▸ **Exercise aim**
Below are the records; collect from them each line containing the string "STRAIGHT".

▸ **Extracted records**
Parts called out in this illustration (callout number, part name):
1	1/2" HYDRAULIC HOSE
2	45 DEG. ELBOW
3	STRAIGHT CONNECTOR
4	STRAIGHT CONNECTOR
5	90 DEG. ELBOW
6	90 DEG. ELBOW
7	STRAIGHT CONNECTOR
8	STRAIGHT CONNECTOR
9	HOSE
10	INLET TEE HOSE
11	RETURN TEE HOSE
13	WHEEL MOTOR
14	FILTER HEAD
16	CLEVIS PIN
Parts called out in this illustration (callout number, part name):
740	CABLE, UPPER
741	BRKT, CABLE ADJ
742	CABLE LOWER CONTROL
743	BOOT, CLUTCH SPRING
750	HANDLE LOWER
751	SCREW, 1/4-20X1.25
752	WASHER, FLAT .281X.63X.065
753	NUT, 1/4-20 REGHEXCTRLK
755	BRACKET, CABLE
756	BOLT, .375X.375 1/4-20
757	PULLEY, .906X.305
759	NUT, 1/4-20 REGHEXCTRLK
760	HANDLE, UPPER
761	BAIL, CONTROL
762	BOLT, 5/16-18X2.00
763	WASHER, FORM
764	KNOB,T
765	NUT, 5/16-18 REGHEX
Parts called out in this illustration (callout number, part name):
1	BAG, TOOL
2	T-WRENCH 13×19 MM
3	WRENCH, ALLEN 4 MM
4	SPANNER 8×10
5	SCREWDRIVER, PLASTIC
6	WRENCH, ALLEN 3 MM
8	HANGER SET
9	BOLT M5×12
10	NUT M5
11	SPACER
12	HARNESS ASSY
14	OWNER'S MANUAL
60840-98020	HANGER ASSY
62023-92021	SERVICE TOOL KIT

▸ **Response box**
3	STRAIGHT CONNECTOR
4	STRAIGHT CONNECTOR
7	STRAIGHT CONNECTOR
8	STRAIGHT CONNECTOR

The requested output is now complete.